LISTED ENTRIES:
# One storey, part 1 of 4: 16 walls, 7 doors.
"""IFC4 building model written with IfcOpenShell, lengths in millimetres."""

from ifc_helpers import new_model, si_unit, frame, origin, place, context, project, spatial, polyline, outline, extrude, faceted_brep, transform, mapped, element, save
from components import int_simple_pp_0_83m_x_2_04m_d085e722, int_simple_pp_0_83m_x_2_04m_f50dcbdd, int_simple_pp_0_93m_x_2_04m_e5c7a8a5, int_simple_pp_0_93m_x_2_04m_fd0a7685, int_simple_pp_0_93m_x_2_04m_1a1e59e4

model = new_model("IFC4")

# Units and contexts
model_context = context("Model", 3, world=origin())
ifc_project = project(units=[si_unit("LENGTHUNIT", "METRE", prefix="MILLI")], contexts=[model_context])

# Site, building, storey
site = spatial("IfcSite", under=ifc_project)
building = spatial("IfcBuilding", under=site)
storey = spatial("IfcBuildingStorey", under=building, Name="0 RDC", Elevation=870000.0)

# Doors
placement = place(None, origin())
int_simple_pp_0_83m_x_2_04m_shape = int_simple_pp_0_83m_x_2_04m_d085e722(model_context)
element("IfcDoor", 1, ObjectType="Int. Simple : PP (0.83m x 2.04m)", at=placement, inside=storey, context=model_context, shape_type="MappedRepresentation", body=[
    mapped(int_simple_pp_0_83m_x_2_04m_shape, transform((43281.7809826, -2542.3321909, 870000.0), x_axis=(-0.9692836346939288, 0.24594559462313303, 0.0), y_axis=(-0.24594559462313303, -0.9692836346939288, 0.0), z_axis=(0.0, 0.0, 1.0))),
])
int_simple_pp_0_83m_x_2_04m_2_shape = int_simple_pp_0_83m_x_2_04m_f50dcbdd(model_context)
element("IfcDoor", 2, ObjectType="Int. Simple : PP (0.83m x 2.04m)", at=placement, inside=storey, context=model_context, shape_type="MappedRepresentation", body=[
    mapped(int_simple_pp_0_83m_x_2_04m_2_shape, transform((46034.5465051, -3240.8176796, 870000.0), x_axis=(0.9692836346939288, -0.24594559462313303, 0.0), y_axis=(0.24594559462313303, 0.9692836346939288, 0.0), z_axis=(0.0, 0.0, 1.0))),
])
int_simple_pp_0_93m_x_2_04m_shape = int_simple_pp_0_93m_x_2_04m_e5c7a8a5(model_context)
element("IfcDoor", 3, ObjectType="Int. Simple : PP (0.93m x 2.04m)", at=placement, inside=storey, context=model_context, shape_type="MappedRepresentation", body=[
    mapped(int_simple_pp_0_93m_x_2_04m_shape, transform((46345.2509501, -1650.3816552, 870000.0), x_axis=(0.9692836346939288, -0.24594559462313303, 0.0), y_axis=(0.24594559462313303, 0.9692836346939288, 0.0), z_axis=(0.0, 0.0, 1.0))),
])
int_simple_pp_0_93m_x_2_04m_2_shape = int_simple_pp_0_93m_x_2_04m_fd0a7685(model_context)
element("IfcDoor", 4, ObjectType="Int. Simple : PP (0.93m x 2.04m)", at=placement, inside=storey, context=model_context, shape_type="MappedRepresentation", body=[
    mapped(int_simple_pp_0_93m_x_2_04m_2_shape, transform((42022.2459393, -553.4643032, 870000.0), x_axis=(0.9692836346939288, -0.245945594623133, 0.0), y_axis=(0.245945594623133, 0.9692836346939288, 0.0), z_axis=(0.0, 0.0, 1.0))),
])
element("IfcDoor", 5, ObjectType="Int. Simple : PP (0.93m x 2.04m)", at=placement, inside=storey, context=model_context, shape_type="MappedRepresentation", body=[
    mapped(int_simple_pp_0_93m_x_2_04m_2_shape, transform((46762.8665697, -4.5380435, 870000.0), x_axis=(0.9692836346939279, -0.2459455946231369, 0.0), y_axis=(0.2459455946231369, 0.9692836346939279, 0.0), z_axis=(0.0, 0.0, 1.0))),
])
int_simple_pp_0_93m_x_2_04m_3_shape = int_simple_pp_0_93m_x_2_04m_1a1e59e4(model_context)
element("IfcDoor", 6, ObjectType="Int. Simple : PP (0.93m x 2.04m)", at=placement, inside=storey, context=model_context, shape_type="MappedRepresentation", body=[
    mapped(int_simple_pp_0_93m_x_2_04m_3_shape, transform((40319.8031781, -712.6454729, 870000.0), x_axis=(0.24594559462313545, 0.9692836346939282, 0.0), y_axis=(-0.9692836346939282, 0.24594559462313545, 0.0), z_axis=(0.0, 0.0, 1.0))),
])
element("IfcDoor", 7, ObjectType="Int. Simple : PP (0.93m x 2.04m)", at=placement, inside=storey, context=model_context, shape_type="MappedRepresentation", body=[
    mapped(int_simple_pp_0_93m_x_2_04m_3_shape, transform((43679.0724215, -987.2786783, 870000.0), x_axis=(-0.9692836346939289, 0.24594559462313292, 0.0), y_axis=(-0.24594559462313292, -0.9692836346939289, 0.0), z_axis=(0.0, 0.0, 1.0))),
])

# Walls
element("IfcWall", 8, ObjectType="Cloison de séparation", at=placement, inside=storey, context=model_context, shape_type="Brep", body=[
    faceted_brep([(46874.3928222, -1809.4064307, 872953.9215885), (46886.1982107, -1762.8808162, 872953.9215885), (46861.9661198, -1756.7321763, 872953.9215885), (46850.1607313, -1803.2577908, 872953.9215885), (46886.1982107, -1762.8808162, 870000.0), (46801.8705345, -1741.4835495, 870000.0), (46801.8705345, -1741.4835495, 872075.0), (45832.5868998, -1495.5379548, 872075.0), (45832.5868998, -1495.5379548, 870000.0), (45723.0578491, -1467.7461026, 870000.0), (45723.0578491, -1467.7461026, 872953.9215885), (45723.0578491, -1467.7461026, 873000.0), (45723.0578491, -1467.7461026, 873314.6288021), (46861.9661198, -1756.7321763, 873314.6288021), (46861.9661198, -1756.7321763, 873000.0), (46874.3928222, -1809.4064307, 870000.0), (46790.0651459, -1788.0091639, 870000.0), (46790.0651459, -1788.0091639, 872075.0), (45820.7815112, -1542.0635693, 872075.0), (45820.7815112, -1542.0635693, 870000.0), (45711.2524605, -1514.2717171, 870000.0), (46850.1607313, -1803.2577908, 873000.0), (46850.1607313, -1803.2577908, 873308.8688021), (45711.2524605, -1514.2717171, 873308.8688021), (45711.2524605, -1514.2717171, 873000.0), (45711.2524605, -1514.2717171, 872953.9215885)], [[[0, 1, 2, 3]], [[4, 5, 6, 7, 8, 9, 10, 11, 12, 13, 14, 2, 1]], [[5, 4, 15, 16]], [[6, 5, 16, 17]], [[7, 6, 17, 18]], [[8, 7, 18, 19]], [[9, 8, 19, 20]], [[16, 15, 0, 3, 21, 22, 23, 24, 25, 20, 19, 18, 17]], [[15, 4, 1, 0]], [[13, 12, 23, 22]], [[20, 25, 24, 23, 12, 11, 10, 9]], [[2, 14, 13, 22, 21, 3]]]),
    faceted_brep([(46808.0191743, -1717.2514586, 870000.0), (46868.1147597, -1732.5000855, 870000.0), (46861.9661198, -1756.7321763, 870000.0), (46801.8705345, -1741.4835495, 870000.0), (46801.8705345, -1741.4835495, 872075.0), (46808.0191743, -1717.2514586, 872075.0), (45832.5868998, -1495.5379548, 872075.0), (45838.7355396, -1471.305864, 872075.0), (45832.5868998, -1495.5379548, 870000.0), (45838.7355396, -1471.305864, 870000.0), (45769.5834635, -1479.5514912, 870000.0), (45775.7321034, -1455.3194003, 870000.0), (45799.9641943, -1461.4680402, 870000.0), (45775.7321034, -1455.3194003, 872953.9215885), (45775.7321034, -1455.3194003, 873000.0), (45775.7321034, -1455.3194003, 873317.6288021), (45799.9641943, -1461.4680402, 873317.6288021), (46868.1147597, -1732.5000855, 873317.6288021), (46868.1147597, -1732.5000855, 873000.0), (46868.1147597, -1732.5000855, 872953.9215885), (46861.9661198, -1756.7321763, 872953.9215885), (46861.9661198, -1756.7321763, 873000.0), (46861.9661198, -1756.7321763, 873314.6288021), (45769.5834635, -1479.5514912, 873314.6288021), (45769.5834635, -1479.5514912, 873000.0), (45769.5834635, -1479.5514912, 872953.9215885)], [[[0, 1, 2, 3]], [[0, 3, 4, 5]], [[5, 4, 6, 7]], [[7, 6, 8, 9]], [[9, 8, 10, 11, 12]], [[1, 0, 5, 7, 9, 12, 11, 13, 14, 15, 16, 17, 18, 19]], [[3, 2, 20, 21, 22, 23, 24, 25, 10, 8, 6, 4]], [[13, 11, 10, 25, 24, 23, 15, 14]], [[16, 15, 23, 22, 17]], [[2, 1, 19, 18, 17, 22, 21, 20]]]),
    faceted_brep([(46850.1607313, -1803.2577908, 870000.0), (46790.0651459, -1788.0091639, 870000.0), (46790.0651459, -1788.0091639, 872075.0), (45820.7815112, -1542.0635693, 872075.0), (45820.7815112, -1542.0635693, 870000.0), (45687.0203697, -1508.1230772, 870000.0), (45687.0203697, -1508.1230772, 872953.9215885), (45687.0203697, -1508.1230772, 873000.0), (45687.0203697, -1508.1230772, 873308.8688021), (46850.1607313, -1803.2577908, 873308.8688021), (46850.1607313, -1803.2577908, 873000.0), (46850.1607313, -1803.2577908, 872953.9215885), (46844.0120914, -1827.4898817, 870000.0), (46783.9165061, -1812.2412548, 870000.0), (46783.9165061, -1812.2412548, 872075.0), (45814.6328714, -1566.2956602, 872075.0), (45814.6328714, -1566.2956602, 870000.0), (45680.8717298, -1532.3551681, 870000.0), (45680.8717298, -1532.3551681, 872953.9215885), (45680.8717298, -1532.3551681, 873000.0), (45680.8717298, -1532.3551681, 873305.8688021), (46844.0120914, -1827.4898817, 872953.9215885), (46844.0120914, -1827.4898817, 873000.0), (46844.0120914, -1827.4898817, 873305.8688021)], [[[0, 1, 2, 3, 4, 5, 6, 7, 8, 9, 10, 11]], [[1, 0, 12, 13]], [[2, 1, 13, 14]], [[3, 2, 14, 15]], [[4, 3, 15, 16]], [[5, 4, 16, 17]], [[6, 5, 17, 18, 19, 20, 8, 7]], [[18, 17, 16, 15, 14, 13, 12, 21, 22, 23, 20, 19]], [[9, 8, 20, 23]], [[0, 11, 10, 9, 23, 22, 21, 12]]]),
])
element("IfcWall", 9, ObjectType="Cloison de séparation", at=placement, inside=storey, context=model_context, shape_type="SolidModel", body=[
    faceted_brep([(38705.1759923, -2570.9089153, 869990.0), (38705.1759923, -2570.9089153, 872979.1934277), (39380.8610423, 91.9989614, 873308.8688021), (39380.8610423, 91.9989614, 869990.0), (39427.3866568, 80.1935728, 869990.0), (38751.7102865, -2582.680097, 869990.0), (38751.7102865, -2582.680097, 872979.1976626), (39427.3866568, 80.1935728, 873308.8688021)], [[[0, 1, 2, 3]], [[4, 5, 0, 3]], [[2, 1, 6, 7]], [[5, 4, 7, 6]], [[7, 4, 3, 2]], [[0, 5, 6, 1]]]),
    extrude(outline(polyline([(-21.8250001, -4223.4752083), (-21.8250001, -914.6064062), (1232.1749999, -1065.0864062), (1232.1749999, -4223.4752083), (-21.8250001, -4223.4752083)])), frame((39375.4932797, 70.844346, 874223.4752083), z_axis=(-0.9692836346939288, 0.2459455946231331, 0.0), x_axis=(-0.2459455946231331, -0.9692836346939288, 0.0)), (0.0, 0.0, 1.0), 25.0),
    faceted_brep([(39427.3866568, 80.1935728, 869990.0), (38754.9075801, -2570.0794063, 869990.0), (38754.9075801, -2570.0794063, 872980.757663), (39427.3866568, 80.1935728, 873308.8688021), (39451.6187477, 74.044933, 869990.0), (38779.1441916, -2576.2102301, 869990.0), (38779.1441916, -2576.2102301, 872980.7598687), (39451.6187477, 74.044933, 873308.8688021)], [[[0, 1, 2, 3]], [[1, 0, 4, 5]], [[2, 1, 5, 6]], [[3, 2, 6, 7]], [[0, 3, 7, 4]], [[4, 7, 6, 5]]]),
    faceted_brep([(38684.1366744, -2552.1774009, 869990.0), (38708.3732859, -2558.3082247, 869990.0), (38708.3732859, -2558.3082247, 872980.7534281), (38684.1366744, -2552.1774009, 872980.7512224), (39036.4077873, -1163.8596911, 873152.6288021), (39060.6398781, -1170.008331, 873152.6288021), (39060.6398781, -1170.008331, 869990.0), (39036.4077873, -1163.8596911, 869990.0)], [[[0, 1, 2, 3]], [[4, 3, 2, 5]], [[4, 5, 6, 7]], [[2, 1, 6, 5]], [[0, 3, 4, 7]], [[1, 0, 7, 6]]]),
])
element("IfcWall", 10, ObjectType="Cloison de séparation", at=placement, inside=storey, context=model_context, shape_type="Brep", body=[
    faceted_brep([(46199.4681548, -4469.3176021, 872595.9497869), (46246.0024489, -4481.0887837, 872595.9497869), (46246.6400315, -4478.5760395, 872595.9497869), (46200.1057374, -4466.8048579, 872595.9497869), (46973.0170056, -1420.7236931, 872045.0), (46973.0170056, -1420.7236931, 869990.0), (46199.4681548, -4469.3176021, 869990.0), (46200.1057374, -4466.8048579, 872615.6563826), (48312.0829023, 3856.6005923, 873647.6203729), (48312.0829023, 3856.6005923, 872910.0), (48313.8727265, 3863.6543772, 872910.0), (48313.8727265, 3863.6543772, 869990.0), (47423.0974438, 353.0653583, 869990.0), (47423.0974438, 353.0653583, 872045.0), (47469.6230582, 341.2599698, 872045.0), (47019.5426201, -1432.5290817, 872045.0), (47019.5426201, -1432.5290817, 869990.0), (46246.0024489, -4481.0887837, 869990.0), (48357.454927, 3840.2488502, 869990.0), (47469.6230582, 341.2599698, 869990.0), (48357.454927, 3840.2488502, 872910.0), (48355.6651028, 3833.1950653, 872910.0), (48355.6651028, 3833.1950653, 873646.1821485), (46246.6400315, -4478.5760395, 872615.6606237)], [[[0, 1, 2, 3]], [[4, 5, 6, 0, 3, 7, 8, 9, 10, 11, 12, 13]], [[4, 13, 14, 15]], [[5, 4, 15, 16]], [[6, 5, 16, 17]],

EXERCISE BRIEF:
From the listing above, copy every line that holds the string "contexts".

RESULT FOR THIS EXERCISE:
# Units and contexts
ifc_project = project(units=[si_unit("LENGTHUNIT", "METRE", prefix="MILLI")], contexts=[model_context])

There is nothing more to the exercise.